Machine Learning and Artificial Intelligence Seminar——Overcoming the curse of dimensionality: from nonlinear Monte Carlo to the training of neural networks
Abstract:
Partial differential equations (PDEs) are among the most universal tools used in modelling problems in nature and man-made complex systems. Nearly all traditional approximation algorithms for PDEs in the literature suffer from the so-called "curse of dimensionality" in the sense that the number of required computational operations of the approximation algorithm to achieve a given approximation accuracy grows exponentially in the dimension of the considered PDE. With such algorithms it is impossible to approximatively compute solutions of high-dimensional PDEs even when the fastest currently available computers are used. In the case of linear parabolic PDEs and approximations at a fixed space-time point, the curse of dimensionality can be overcome by means of Monte Carlo approximation algorithms and the Feynman-Kac formula. In this talk we present an efficient machine learning algorithm to approximate solutions of high-dimensional PDE and we also prove that deep artificial neural network (ANNs) do indeed overcome the curse of dimensionality in the case of a general class of semilinear parabolic PDEs. Moreover, we specify concrete examples of smooth functions which can not be approximated by shallow ANNs without the curse of dimensionality but which can be approximated by deep ANNs without the curse of dimensionality. In the final part of the talk we present some recent mathematical results on the training of neural networks.
Brief bio:
Arnulf Jentzen (*November 1983) is appointed as a presidential chair professor at the Chinese University of Hong Kong, Shenzhen (since 2021) and as a full professor at the University of Münster (since 2019). In 2004 he started his undergraduate studies in mathematics at Goethe University Frankfurt in Germany, in 2007 he received his diploma degree at this university, and in 2009 he completed his PhD in mathematics at this university. The core research topics of his research group are machine learning approximation algorithms, computational stochastics, numerical analysis for high dimensional partial differential equations (PDEs), stochastic analysis, and computational finance. Currently he serves in the editorial boards of several scientific journals such as the Annals of Applied Probability, Communications in Mathematical Sciences, the Journal of Machine Learning, the SIAM Journal on Scientific Computing, and the SIAM Journal on Numerical Analysis. In 2020 he was the recipient of the Felix Klein Prize of the European Mathematical Society (EMS), in 2022 he has been awarded an ERC Consolidator Grant from the European Research Council (ERC), and in 2022 he has been awarded the Joseph F. Traub Prize for Achievement in Information-Based Complexity. Further details on the activities of his research group can be found at the webpage http://www.ajentzen.de.
References:
[1] Becker, S., Jentzen, A., Müller, M. S., and von Wurstemberger, P., Learning the random variables in Monte Carlo simulations with stochastic gradient descent: Machine learning for parametric PDEs and financial derivative pricing. arXiv:2202.02717 (2022), 70 pages. Revision requested from Math. Financ.

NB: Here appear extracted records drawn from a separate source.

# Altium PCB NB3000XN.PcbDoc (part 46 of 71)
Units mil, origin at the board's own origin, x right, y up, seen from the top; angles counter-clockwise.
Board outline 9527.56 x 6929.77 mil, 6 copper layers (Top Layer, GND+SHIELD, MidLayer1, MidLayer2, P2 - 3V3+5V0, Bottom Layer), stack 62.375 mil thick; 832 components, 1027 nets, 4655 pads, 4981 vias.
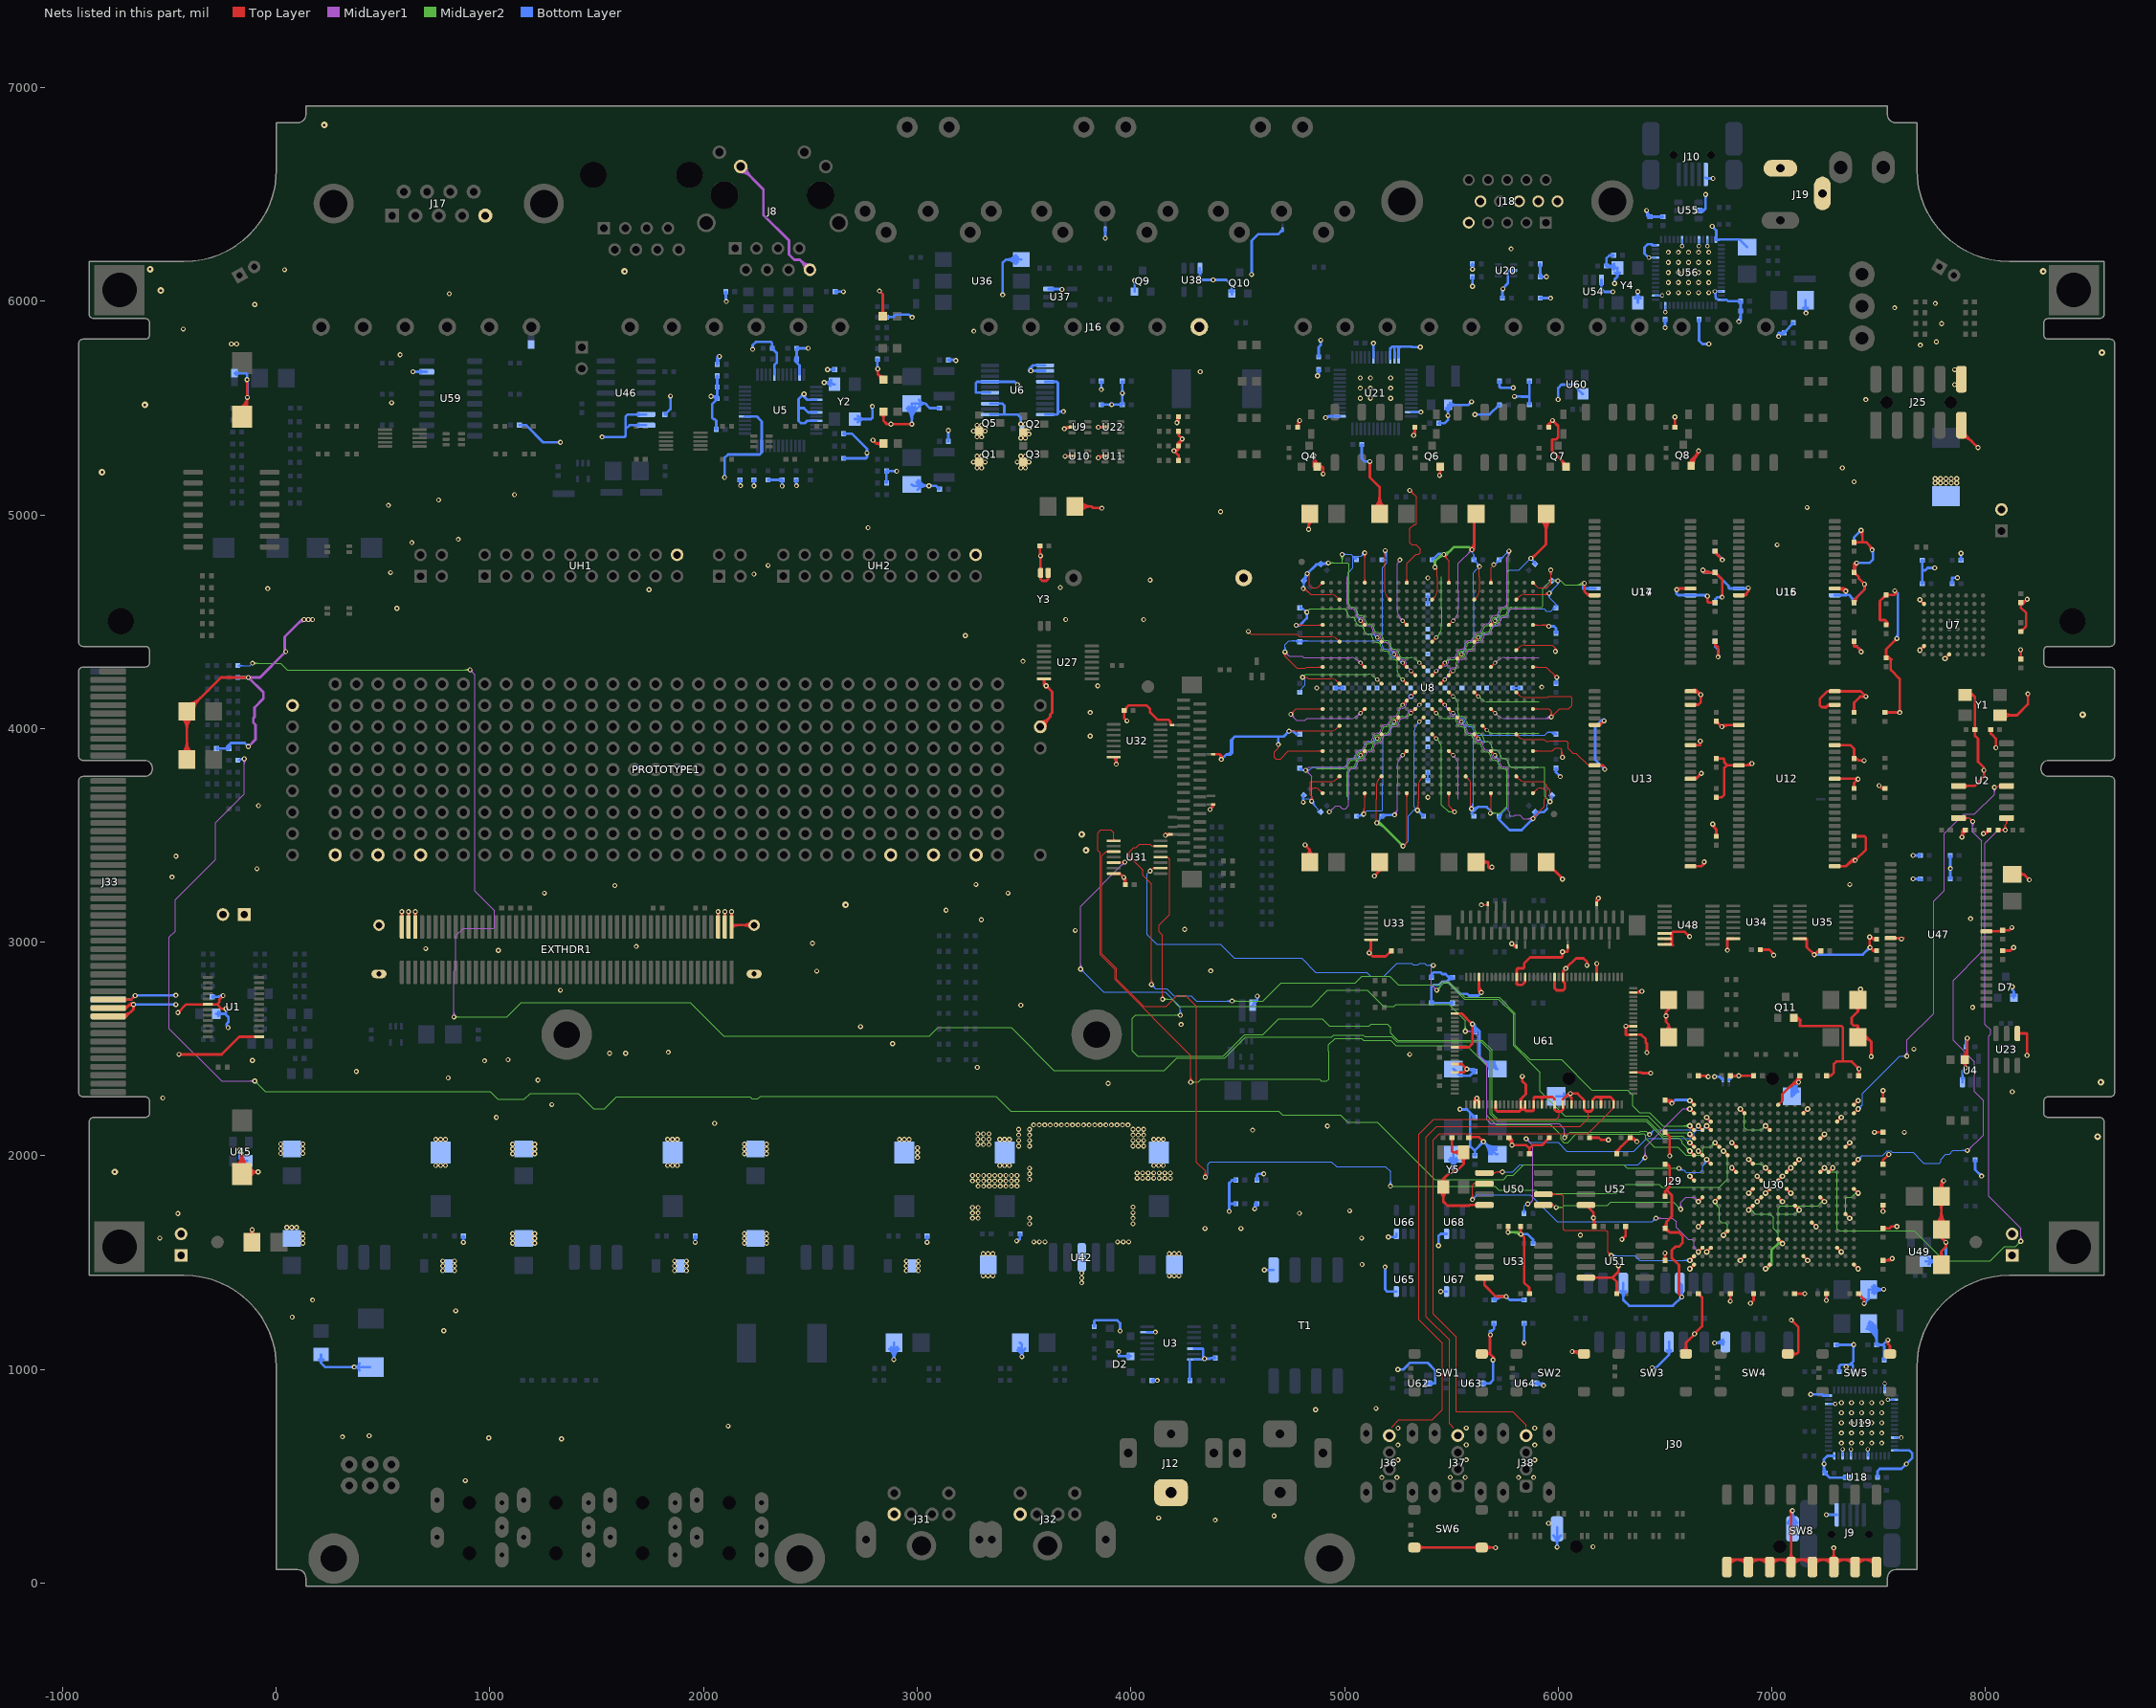
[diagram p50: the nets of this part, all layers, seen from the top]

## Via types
v1: diameter 23, hole 11.81, Top Layer to Bottom Layer, 3672 vias
v2: diameter 26, hole 11.81, Top Layer to Bottom Layer, 461 vias
v3: diameter 19, hole 11.81, Top Layer to Bottom Layer, tented both sides, 396 vias
v4: diameter 23.62, hole 11.81, Top Layer to Bottom Layer, 288 vias
v5: diameter 20, hole 11.81, Top Layer to Bottom Layer, 91 vias
v6: diameter 23, hole 11.81, Top Layer to Bottom Layer, tented both sides, 50 vias
v7: diameter 31, hole 11.81, Top Layer to Bottom Layer, 15 vias
v8: diameter 27.56, hole 11.81, Top Layer to Bottom Layer, tented both sides, 4 vias
v9: diameter 29, hole 11.81, Top Layer to Bottom Layer, 3 vias
v10: diameter 21, hole 11.81, Top Layer to Bottom Layer, 1 vias

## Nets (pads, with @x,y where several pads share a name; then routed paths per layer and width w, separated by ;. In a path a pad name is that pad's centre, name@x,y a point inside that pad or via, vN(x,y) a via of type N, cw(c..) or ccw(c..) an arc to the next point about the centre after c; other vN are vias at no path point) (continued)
GND: (continued)
  Bottom Layer w12: v1@7431.86,1313.87 ccw(c7431.86,1327.15) 7441.25,1317.76 ccw(c7450.64,1308.37) v1@7437.36,1308.37 ; v1(7433.86,4676.04) 7433.86,4651.04 7385.19,4602.37 ; v1@7453.69,2975.04 cw(c7440.41,2975.04) 7449.8,2965.65 cw(c7459.19,2956.26) v1@7459.19,2969.54 ; v1@7465.64,4832.71 cw(c7446.59,4813.66) 7473.52,4813.66 ; C93.2@7469.71,1360.69 cw(c7497.3,1338.74) 7497.3,1374 cw(c7497.3,1409.26) C93.2@7469.71,1387.31 ; C93.2@7479.1,1353.22 cw(c7522.19,1318.94) v1@7522.19,1374 ; C93.2@7479.11,1394.78 ccw(c7522.19,1429.05) v1@7522.19,1374 ; v4(7480,2110) v4@7481.86,2110 ; C90.1@7494.33,495 7494.33,524.33 7505,535 7606.86,535 v1(7629.73,557.88) 7656.86,585 7656.86,608.37 ; 7506.93,1374 ccw(c7506.93,1391.97) v1@7519.64,1379.26 ; v1@7522.52,1374.33 v1@7522.19,1374 ; v1@7522.52,1374.37 v1(7523.52,1375.37) ; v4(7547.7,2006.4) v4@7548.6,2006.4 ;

[2] Gallon, D., Jentzen, A., Lindner, F., Blow up phenomena for gradient descent optimization methods in the training of artificial neural networks. arXiv:2211.15641 (2023), 84 pages.
[3] Gonon, L., Graeber, R., and Jentzen, A., The necessity of depth for artificial neural networks to approximate certain classes of smooth and bounded functions without the curse of dimensionality. ArXiv:2301.08284 (2022), 101 pages.
[4] Hutzenthaler, M., Jentzen, A., Kruse, T., and Nguyen, T. A., A proof that rectified deep neural networks overcome the curse of dimensionality in the numerical approximation of semilinear heat equations. Partial Differ. Equ. Appl. 1 (2020), no. 2, Paper no. 10, 34 pp.
[5] Jentzen, A. and Riekert, A., On the existence of global minima and convergence analyses for gradient descent methods in the training of deep neural networks. J. Mach. Learn. 1 (2022), no. 2, 141–246.